Syndrome de Tachycardie Orthostatique Posturale (POTS) : efficacité prouvée du régime hypersodé

Calgary Alberta, Canada – Il semble clairement intéressant d’augmenter l’apport alimentaire en sodium chez les patients souffrant du syndrome de tachycardie posturale liée à l’orthostatisme (Postural Orthostatic Tachycardia Syndrome : POTS). C’est ce que suggère avec de solides arguments la première étude soutenant cette stratégie thérapeutique. L’étude dont le premier auteur est Emily M. Garland a été publiée dans l’édition en ligne du Journal of American College of Cardiology le 26 avril 2021 [1] .

Les résultats montrent qu’un apport accru de sodium dans l’alimentation peut diminuer le taux de noradrénaline plasmatique et améliorer la tachycardie qui survient debout, en orthostatisme chez les patients qui souffrent du POTS.
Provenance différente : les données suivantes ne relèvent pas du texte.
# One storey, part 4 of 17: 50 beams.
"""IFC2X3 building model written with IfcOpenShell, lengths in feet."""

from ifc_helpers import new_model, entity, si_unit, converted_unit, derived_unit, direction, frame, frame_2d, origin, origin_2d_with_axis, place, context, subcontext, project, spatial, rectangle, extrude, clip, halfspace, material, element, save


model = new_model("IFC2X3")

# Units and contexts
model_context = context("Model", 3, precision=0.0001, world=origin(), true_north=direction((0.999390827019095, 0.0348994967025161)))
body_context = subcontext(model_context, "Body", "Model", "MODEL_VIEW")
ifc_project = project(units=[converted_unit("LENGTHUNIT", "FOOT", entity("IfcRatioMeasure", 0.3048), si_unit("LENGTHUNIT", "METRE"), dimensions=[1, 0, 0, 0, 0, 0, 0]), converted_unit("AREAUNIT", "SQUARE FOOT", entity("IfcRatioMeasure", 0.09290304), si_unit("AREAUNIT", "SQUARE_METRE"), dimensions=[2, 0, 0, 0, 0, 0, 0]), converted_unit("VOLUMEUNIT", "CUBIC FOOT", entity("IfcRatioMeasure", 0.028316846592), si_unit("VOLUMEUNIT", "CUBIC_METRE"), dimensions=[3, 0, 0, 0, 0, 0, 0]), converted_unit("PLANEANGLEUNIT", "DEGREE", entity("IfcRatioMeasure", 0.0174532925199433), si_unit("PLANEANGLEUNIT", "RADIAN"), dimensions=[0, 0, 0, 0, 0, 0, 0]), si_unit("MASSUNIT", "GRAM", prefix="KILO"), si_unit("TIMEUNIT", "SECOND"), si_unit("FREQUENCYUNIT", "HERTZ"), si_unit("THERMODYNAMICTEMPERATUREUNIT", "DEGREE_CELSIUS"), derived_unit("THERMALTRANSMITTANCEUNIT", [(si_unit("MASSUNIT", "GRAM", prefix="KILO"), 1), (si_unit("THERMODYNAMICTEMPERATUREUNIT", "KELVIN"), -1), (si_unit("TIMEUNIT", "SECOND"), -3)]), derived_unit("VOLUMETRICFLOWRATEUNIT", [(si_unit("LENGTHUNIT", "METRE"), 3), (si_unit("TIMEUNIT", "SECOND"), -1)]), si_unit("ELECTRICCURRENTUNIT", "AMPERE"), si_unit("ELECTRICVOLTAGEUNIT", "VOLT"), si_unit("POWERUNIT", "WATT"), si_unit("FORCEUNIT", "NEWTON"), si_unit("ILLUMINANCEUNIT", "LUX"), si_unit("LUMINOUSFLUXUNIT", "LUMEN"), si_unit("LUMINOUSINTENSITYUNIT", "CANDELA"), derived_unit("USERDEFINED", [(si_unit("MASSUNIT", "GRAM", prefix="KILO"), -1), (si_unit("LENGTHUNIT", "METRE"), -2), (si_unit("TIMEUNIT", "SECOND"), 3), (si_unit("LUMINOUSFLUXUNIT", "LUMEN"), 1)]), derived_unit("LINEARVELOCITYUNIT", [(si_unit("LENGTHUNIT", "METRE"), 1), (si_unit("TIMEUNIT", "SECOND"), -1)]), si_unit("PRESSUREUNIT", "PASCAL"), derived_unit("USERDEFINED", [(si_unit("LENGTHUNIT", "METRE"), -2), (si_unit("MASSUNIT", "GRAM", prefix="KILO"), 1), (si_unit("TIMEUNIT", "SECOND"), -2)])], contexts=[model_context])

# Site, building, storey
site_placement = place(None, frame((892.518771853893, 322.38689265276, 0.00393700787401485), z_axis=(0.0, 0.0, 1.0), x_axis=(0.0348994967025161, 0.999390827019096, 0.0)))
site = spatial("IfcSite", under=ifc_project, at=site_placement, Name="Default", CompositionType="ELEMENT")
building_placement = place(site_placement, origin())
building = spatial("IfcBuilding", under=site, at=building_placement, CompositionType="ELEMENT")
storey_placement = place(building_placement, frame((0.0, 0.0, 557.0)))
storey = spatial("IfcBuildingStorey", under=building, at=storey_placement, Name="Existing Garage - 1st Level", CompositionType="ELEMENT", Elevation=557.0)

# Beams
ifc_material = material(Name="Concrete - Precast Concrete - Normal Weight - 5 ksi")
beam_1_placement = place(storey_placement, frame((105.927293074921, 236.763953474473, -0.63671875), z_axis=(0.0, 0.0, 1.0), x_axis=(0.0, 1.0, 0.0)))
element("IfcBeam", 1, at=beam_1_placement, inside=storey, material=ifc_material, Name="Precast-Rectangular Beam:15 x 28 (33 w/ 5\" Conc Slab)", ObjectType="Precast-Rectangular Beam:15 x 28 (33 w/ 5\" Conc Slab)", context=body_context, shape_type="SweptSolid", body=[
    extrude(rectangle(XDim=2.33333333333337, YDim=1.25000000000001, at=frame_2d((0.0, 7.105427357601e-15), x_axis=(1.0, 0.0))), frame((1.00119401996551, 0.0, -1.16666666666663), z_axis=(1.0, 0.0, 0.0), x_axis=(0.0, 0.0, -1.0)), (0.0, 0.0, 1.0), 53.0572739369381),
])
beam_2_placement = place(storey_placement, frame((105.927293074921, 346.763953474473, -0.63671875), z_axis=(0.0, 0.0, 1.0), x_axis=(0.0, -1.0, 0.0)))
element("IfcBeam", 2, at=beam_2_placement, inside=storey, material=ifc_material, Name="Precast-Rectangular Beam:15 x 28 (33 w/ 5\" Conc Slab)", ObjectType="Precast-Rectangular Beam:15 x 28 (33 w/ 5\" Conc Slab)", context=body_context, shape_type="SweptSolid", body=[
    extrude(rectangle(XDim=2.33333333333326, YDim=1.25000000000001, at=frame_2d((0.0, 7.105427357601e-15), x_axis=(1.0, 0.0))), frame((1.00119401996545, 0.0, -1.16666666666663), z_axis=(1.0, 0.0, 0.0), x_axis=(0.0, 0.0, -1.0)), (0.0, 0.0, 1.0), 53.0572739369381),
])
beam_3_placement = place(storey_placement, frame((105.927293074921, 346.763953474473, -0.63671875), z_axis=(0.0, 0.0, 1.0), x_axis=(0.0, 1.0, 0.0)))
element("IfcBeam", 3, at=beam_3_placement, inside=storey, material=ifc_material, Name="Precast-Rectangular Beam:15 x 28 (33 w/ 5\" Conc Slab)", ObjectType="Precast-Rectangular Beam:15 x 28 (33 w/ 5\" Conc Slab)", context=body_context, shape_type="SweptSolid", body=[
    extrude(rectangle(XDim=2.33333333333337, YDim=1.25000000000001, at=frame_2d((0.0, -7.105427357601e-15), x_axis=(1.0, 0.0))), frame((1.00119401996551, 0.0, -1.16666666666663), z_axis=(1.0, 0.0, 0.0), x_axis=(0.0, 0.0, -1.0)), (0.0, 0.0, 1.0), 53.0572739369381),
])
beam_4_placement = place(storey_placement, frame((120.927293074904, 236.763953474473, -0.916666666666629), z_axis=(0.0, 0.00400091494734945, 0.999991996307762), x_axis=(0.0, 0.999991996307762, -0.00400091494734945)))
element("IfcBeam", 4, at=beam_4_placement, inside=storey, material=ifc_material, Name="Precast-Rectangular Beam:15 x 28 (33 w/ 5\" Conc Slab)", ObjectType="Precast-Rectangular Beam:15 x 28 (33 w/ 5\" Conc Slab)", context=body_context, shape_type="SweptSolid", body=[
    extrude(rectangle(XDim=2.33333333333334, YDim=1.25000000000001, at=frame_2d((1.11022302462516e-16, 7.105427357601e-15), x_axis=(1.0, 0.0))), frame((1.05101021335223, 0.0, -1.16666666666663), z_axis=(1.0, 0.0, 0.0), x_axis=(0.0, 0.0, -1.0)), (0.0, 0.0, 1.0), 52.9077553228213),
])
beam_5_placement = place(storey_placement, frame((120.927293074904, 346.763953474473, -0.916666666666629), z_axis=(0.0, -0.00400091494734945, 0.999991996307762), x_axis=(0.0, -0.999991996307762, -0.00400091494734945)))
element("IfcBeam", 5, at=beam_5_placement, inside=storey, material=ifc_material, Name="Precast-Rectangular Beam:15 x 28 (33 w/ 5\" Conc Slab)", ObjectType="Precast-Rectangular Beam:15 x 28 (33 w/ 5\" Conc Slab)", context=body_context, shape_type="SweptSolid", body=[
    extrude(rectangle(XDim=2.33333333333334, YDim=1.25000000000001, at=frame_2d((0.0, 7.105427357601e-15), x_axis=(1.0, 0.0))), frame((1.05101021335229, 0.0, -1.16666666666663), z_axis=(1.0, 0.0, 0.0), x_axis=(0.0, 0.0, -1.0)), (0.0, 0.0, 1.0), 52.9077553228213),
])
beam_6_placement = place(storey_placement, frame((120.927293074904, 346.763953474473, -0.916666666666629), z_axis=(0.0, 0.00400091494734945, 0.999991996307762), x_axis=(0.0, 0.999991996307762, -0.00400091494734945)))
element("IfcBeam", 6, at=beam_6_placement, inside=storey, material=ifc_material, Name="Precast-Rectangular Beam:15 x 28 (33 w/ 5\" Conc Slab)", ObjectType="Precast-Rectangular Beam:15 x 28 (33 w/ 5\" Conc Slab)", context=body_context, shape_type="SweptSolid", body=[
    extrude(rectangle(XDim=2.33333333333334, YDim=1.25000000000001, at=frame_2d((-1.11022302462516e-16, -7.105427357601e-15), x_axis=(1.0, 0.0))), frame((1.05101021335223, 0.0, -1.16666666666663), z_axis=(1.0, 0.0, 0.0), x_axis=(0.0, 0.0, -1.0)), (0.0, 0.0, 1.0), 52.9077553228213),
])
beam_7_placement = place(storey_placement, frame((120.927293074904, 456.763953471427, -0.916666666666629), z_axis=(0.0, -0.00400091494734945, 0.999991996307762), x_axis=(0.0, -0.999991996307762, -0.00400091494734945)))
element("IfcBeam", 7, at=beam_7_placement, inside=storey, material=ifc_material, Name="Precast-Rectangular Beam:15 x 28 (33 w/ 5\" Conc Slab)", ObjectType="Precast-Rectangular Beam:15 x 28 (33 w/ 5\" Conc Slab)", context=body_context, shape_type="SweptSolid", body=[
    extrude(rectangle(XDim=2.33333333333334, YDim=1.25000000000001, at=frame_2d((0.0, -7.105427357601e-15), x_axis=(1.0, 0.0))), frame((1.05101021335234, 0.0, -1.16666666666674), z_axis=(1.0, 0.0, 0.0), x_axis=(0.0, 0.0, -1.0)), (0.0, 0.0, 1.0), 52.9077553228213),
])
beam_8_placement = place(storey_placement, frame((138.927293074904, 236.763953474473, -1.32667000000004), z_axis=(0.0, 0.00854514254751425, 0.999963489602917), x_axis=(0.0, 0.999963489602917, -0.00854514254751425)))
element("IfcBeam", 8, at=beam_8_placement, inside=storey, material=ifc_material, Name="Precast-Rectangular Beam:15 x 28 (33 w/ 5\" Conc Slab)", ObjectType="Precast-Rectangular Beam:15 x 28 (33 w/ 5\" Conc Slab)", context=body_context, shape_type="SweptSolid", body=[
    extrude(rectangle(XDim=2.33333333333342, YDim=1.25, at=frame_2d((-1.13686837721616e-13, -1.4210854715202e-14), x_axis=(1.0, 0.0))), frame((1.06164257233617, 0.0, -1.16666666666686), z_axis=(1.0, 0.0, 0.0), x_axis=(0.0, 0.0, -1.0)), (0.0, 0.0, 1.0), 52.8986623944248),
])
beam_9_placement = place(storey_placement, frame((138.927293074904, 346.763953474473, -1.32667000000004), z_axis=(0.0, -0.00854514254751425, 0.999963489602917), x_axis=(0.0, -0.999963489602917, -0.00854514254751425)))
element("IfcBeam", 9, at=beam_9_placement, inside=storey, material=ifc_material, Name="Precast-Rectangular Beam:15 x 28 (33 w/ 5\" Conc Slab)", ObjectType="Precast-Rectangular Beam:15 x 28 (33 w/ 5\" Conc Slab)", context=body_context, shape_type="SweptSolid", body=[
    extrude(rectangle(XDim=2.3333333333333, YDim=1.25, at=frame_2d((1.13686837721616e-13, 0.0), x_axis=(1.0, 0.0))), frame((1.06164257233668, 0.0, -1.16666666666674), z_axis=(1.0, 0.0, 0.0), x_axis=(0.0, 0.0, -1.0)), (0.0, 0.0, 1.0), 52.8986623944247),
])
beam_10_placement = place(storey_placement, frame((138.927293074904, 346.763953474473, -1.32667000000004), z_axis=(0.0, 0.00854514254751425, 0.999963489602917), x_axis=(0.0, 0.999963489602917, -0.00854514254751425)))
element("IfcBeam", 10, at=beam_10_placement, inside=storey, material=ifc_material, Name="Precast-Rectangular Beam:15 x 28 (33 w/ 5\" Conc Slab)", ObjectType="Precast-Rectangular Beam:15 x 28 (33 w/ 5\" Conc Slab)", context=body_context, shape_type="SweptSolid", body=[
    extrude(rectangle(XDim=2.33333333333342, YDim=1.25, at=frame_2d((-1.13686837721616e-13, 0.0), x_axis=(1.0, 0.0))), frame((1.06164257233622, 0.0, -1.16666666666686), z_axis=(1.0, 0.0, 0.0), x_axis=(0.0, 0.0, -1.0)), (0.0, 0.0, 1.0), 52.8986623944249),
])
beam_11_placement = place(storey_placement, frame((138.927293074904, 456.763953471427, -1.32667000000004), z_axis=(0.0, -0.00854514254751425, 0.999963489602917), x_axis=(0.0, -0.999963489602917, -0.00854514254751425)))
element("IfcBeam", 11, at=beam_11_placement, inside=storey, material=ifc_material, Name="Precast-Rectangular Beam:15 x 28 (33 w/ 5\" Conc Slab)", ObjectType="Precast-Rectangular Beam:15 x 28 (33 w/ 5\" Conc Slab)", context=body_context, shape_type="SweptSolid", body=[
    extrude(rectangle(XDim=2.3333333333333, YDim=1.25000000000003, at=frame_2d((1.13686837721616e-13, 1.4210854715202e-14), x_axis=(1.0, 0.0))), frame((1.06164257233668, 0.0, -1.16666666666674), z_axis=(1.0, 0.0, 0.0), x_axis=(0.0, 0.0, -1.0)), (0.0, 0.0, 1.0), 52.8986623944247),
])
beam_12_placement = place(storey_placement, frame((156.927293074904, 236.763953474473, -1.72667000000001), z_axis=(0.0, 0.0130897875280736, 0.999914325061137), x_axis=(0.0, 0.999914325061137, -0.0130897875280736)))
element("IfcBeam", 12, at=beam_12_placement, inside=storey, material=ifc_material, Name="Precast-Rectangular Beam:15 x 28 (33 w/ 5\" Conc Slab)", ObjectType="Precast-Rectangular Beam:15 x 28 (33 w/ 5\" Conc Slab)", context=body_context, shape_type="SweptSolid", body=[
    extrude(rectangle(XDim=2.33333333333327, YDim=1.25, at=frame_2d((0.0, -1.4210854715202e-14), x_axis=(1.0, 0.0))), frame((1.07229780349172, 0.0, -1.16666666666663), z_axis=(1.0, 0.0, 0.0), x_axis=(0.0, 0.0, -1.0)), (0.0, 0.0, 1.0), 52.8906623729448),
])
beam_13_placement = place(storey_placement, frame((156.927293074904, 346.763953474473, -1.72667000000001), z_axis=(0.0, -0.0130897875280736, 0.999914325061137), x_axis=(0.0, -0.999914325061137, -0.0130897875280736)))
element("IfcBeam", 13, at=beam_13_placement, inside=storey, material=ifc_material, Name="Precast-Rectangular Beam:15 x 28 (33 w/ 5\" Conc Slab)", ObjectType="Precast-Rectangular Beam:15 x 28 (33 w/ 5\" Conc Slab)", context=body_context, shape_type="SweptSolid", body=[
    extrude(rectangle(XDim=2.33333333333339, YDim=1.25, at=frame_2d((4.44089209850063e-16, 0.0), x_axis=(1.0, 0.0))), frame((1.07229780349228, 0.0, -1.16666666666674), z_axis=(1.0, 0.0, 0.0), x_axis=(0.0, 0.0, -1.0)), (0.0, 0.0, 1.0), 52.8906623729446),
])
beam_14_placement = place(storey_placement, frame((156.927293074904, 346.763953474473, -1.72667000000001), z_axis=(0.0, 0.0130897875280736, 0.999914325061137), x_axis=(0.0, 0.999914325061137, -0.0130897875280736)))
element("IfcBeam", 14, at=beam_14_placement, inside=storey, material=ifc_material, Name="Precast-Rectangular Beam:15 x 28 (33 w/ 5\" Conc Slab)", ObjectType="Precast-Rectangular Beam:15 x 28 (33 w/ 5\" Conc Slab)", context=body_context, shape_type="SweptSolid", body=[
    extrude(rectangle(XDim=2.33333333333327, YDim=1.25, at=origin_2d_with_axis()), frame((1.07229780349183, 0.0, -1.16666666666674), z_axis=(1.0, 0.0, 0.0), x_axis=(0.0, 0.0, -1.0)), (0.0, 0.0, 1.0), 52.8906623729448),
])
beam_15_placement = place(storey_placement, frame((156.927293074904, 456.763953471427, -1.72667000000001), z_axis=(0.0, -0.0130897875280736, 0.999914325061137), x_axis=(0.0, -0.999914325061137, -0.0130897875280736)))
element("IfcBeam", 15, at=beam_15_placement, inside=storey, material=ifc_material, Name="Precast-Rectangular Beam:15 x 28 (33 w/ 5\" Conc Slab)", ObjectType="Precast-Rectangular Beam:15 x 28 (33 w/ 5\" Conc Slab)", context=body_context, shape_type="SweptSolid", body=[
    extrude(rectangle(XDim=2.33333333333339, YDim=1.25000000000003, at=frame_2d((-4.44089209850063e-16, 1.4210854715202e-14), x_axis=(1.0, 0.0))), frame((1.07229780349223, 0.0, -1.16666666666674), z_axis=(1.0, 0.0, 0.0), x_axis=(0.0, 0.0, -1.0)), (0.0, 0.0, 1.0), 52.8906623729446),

« Ces résultats suggèrent qu’augmenter le sel dans le régime est un élément rationnel pour le traitement de cette pathologie. L’essai confirme que supplémenter en sel est l’attitude à avoir chez les patients souffrant du POTS », a confié à Medscape Medical News le Dr Satish R. Raj, l’auteur principal de l’étude.

 
L’essai confirme que supplémenter en sel est l’attitude à avoir chez les patients souffrant du POTS. Dr Satish R. Raj
 

« Augmenter l’apport sodé est un message inhabituel pour un cardiologue et nous sommes conscients que cela va à l’encontre des instructions classiques, aussi nous devions rapidement apporter des preuves tangibles à cette recommandation », précise-t-il.

Qu’est ce que le POTS ?

Le Dr Raj (University of Calgary's Cumming School of Medicine, Alberta, Canada) explique que le POTS est un ensemble de troubles affectant le système nerveux autonome régulant la fréquence cardiaque et la pression artérielle.

« C’est une anomalie qui concerne l’intolérance à l’orthostatisme – les patients se sentent mieux quand ils sont allongés. Ce syndrome diffère de l’hypotension orthostatique, car quand un patient souffrant du POTS, se met debout, la pression artérielle ne diminue pas nécessairement mais le rythme cardiaque augmente de façon exagérée. »

Bien qu’il soit normal que la fréquence cardiaque s’accélère jusqu’à un certain point en position debout, chez les patients souffrant du POTS le rythme cardiaque est exagérément élevé. On définit cette condition par, en l’absence d’hypotension orthostatique, l’accroissement d’au moins 30 battements par minute du rythme cardiaque (ou 40/mn chez les sujets âgés de 12 à 19 ans) en orthostatisme.

Cette affection est caractérisée par nombre de symptômes [plus ou moins associés] notamment des étourdissements, des difficultés respiratoires, des palpitations et l’intolérance à l’effort : tous s’aggravant en position debout. Les patients se plaignent aussi d’une fatigue chronique et de lenteurs cognitives, précise le Dr Raj.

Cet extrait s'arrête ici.